Gillen would prefer Philadelphia get more medium-to-lower priced developments. He just doesn’t think it’s realistic because of expensive construction costs. Workers in Philadelphia’s union-dominated construction sector make about $28 an hour, according to the Bureau of Labor Statistics. The national average is closer to $23.

“We have New York consumption costs,” Gillen said.

Feibush blames zoning laws that sometimes prevent high density developments. He pointed out two similarly sized projects of his on South Street as an example. One of them zoned for higher density features 34 units. For the other they could only do 17, with the apartments being larger and more expensive than at the other building. Feibush said he would prefer the choice of more, smaller apartments like in the first option as it would’ve led to more money for the developer and cheaper rent for the tenants. But, he said, it’s not possible given the zoning regulations.

“The problem in Philly is that it’s harder to build the (less-expensive) units (OCF is) building than the more expensive ones,” he said. “And yet there are more people looking for less-expensive units. So you end up with an environment where we are in short supply.”

Zillow real estate data
Zillow

In housing there’s something called a filtering effect.
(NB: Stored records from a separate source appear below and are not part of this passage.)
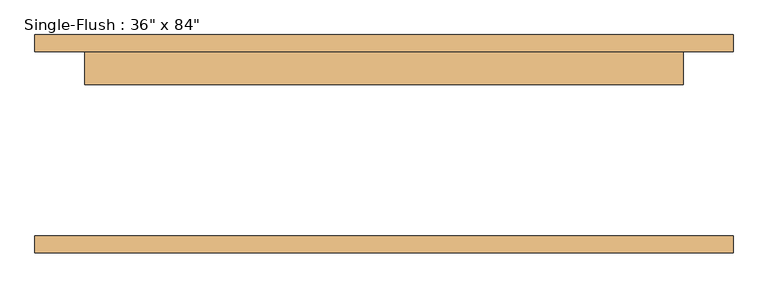
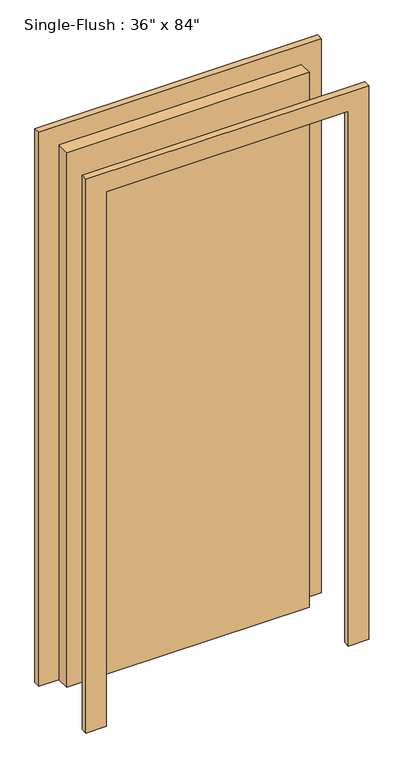
"""IFC4 building model written with IfcOpenShell, lengths in millimetres: door geometry."""

from ifc_helpers import new_model, si_unit, frame, origin, origin_with_axes, place, context, project, spatial, polyline, outline, extrude, source, transform, mapped, element, save


def door_23c500ab(model_context):
    return source(origin(), model_context, "Body", "SweptSolid", [
        extrude(outline(polyline([(2209.8, -533.4), (0.0, -533.4), (0.0, -457.2), (2133.6, -457.2), (2133.6, 457.2), (0.0, 457.2), (0.0, 533.4), (2209.8, 533.4), (2209.8, -533.4)])), frame((0.0, 141.2875, 0.0), z_axis=(0.0, 1.0, 0.0), x_axis=(0.0, 0.0, 1.0)), (0.0, 0.0, 1.0), 25.4),
        extrude(outline(polyline([(2209.8, 533.4), (2209.8, -533.4), (0.0, -533.4), (0.0, -457.2), (2133.6, -457.2), (2133.6, 457.2), (0.0, 457.2), (0.0, 533.4), (2209.8, 533.4)])), frame((0.0, -166.6875, 0.0), z_axis=(0.0, 1.0, 0.0), x_axis=(0.0, 0.0, 1.0)), (0.0, 0.0, 1.0), 25.4),
        extrude(outline(polyline([(457.2, 90.4875), (-457.2, 90.4875), (-457.2, 141.2875), (457.2, 141.2875), (457.2, 90.4875)])), origin_with_axes(), (0.0, 0.0, 1.0), 2133.6),
    ])


if __name__ == "__main__":
    model = new_model("IFC4")
    model_context = context("Model", 3, world=origin())
    ifc_project = project(units=[si_unit("LENGTHUNIT", "METRE", prefix="MILLI")], contexts=[model_context])
    site = spatial("IfcSite", under=ifc_project)
    building = spatial("IfcBuilding", under=site)
    placement = place(None, origin())
    door_shape = door_23c500ab(model_context)
    element("IfcDoor", 1, ObjectType="Single-Flush : 36\" x 84\"", at=placement, inside=building, context=model_context, shape_type="MappedRepresentation", body=[
        mapped(door_shape, transform((0.0, 0.0, 0.0), x_axis=(1.0, 0.0, 0.0), y_axis=(0.0, 1.0, 0.0), z_axis=(0.0, 0.0, 1.0))),
    ])
    save(model, "model.ifc")

# Revit data of these elements
# Type "Single-Flush : 36\" x 84\""
#   Type Mark = "1"
#   Assembly Code = "C1020"
#   Thickness = 0' - 2"
#   Height = 7' - 0"
#   Trim Projection Ext = 0' - 1"
#   Trim Projection Int = 0' - 1"
#   Trim Width = 0' - 3"
#   Width = 3' - 0"
#   Door Material = PAINTED STEEL C CHANNEL
#   Frame Material = PAINTED STEEL C CHANNEL
#   Function = (empty or 0)
#   Wall Closure = (empty or 0)
# Element 1 (IfcDoor, "Single-Flush : 36\" x 84\"")
#   Materials on its faces: "PAINTED STEEL C CHANNEL"
# Materials
#   "PAINTED STEEL C CHANNEL": class "Generic", colour RGB 88 62 61, transparency 0, Cost = 0
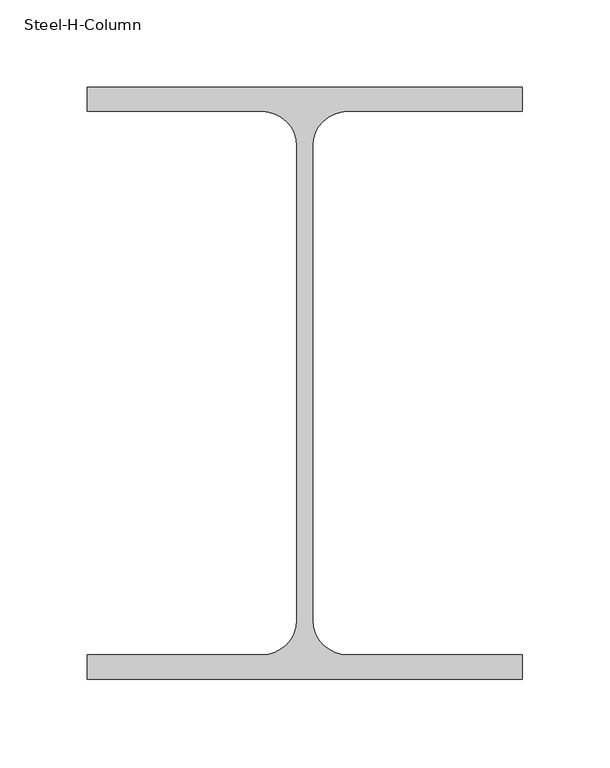
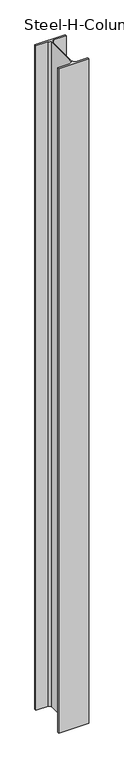
"""IFC4 building model written with IfcOpenShell, lengths in millimetres: column geometry, Steel-H-Column : CL121_H-340×250x9x14."""

from ifc_helpers import new_model, si_unit, point, frame, frame_2d, origin, place, context, project, spatial, polyline, circle_curve, trimmed, segment, composite_curve, outline, extrude, source, transform, mapped, element, save


def steel_h_column_09ca9198(model_context):
    return source(origin(), model_context, "Body", "SweptSolid", [
        extrude(outline(composite_curve([segment(polyline([(125.0, 170.0), (125.0, 156.0), (24.5, 156.0)]), True, "CONTINUOUS"), segment(trimmed(circle_curve(frame_2d((24.5, 136.0)), 20.0), [point((24.5, 156.0))], [point((4.5, 136.0))], True, "CARTESIAN"), True, "CONTINUOUS"), segment(polyline([(4.5, 136.0), (4.5, -136.0)]), True, "CONTINUOUS"), segment(trimmed(circle_curve(frame_2d((24.5, -136.0)), 20.0), [point((4.5, -136.0))], [point((24.5, -156.0))], True, "CARTESIAN"), True, "CONTINUOUS"), segment(polyline([(24.5, -156.0), (125.0, -156.0), (125.0, -170.0), (-125.0, -170.0), (-125.0, -156.0), (-24.5, -156.0)]), True, "CONTINUOUS"), segment(trimmed(circle_curve(frame_2d((-24.5, -136.0)), 20.0), [point((-24.5, -156.0))], [point((-4.5, -136.0))], True, "CARTESIAN"), True, "CONTINUOUS"), segment(polyline([(-4.5, -136.0), (-4.5, 136.0)]), True, "CONTINUOUS"), segment(trimmed(circle_curve(frame_2d((-24.5, 136.0)), 20.0), [point((-4.5, 136.0))], [point((-24.5, 156.0))], True, "CARTESIAN"), True, "CONTINUOUS"), segment(polyline([(-24.5, 156.0), (-125.0, 156.0), (-125.0, 170.0), (125.0, 170.0)]), True, "CONTINUOUS")], self_intersect=False)), frame((0.0, 0.0, 200.0), z_axis=(0.0, 0.0, 1.0), x_axis=(1.0, 0.0, 0.0)), (0.0, 0.0, 1.0), 5800.0),
    ])


if __name__ == "__main__":
    model = new_model("IFC4")
    model_context = context("Model", 3, world=origin())
    ifc_project = project(units=[si_unit("LENGTHUNIT", "METRE", prefix="MILLI")], contexts=[model_context])
    site = spatial("IfcSite", under=ifc_project)
    building = spatial("IfcBuilding", under=site)
    placement = place(None, origin())
    steel_h_column_shape = steel_h_column_09ca9198(model_context)
    element("IfcColumn", 1, ObjectType="Steel-H-Column : CL121_H-340×250x9x14", at=placement, inside=building, context=model_context, shape_type="MappedRepresentation", body=[
        mapped(steel_h_column_shape, transform((0.0, 0.0, 0.0), x_axis=(1.0, 0.0, 0.0), y_axis=(0.0, 1.0, 0.0), z_axis=(0.0, 0.0, 1.0))),
    ])
    save(model, "model.ifc")

# Revit data of these elements
# Type "Steel-H-Column : CL121_H-340×250x9x14"
#   Surface Area = 0.00 m²/m
#   Section Area = 101.5 cm²
#   Mass per Unit Length = 79.70 kg/m
#   B = 250 mm
#   H = 340 mm
#   r = 20 mm
#   tw = 9 mm
#   tf = 14 mm
#   hec_material4 [instance default] = none
#   hec_material2 [instance default] = none
#   hec_material1 [instance default] = none
#   hec_material3 [instance default] = none
#   Structural Material [instance default] = Steel, 45-345
#   Assembly Code = ""
# Element 1 (IfcColumn, "Steel-H-Column : CL121_H-340×250x9x14")
#   hec_material1 = S03AA028-00001_Main Steel Structure Erection Work_Shelter/Building_Medium Steel
#   hec_material3 = F01AC000-00002_Building/Shelter Fire Proofing Work_Intumescent Coating Type_1 hr. rating (UL 1709))
#   Structural Material = S01AA002-00001_Main Steel Structure Fabrication Work_Shelter/Building_Medium Steel - Standard
#   Materials on its faces: "S01AA002-00001_Main Steel Structure Fabrication Work_Shelter/Building_Medium Steel - Standard"
# Materials
#   "Steel, 45-345": class "Metal", colour RGB 189 187 185, transparency 0, Description = "Steel 345 MPa", Cost = 0
#   "S01AA002-00001_Main Steel Structure Fabrication Work_Shelter/Building_Medium Steel - Standard": class "Metal", colour RGB 120 120 120, transparency 0, Comments = "(90KG/M>Weight≥30KG/M)", Description = "Structural steel 50ksi", W00) Work Master Code = "S01AA002-0001", W01) Work Master_Lv1 = "Main Steel Structure Fabrication Work", W02) Work Master_Lv2 = "Shelter/Building", W03) Work Master_Spec.1 = "Medium Steel - Standard (90KG/M>Weight≥30KG/M)", Cost = 0
#   "S03AA028-00001_Main Steel Structure Erection Work_Shelter/Building_Medium Steel": class "Metal", colour RGB 120 120 120, transparency 0, Comments = "(90KG/M>Weight≥30KG/M)", Description = "Structural steel 50ksi", W00) Work Master Code = "S03AA028-0001", W01) Work Master_Lv1 = "Main Steel Structure Erection Work", W02) Work Master_Lv2 = "Shelter/Building", W03) Work Master_Spec.1 = "Medium Steel (90KG/M>Weight≥30KG/M)", Cost = 0
#   "F01AC000-00002_Building/Shelter Fire Proofing Work_Intumescent Coating Type_1 hr. rating (UL 1709))": class "Metal", colour RGB 255 128 128, transparency 0, Description = "Paint finished steel", W00) Work Master Code = "F01AC000-00002", W01) Work Master_Lv1 = "Building/Shelter Fire Proofing Work", W02) Work Master_Lv2 = "Intumescent Coating Type", W03) Work Master_Spec.1 = "1 hr. rating (UL 1709)", Cost = 0

It basically suggests an emphasis on high-end housing can benefit everyone because the people who can afford the high end will leave behind housing that can become affordable for medium-income people, who leave behind housing that can become affordable for lower-income people. While this large supply of high-end apartments could lead to a filtering effect in the future, there’s a problem with this now in Philly.

Zillow’s Aaron Terrazas said the lack of building in Philly and similar cities in the 1990s, along with higher rates of homeownership at the time, could mean a shortage of medium-tier rentals now. Instead of finding an apartment built 20 years ago that was once considered top of the line, people with average incomes seeking to rent are likely forced to find something older and outdated. About 55 percent of Philadelphia’s housing stock was built before 1950.  

So most anyone who wants to rent something reasonably new in Philadelphia will have to expect to pay up. And if supply continues to stay low for anything that’s not high end, rental prices for everything else could increase at disproportionate rates, too, to the point where more Philadelphians could be forced to spend more than a third of their income on housing.    

“We have some wiggle room before we hit that threshold,” Gillen said, “but it is trending in the wrong direction.”